Diagnostic Analytics:Explaining How Things that Happened Are Related. Diagnostic analytics uncovers the root connections and relationships between variables associated with events, past or present.
Predictive Analytics: Forecasting What Will Happen. AI tools are used to forecast future outcomes based on historical patterns and relationships in data.
Prescriptive Analytics: Determining How To Optimize What HappensNext. This stage focuses on providing actionable recommendations and optimizing decision-making.
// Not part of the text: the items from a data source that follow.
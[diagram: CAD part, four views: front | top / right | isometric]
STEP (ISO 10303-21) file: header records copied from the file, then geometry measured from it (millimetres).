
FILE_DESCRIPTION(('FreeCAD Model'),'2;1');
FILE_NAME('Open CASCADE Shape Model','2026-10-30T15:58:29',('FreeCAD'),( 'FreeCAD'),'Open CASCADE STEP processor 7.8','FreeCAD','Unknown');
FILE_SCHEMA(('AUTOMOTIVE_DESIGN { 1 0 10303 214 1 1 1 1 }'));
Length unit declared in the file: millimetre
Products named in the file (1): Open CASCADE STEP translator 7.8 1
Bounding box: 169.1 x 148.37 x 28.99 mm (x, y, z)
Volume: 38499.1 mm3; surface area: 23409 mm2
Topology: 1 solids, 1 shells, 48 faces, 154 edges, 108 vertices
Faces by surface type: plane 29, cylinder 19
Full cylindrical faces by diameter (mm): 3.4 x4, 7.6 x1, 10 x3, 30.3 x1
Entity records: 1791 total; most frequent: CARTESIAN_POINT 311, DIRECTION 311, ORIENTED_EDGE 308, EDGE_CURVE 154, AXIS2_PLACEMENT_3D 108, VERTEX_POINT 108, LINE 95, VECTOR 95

Bottom-line, AI enabled Advanced Analytics delivers business insights and value far beyond what raw data, cleaned data, and/or Business Intelligence (BI) dashboards can deliver. While potentially powerful, again, it is important that the right AI tool is used to tackle each business problem in the context of each node on this curve.
Tool Selection :
As business leaders attempt to navigate AI-hype, an analogy speaking to the importance of tool selection can be found in the field of plumbing. If you have a leaky pipe, and you hire a plumber to fix it, if that plumber (i.e. a technical professional) shows up and their first tool choice is to use their recently acquired, extremely complex, and sometimes unreliable pipe repair machine (i.e. the latest GenAI tool), you may begin to have well-founded second thoughts on their services. Could this complex tool be used to fix the problem? Maybe. Would a different and more direct tool be a better choice? Likely so.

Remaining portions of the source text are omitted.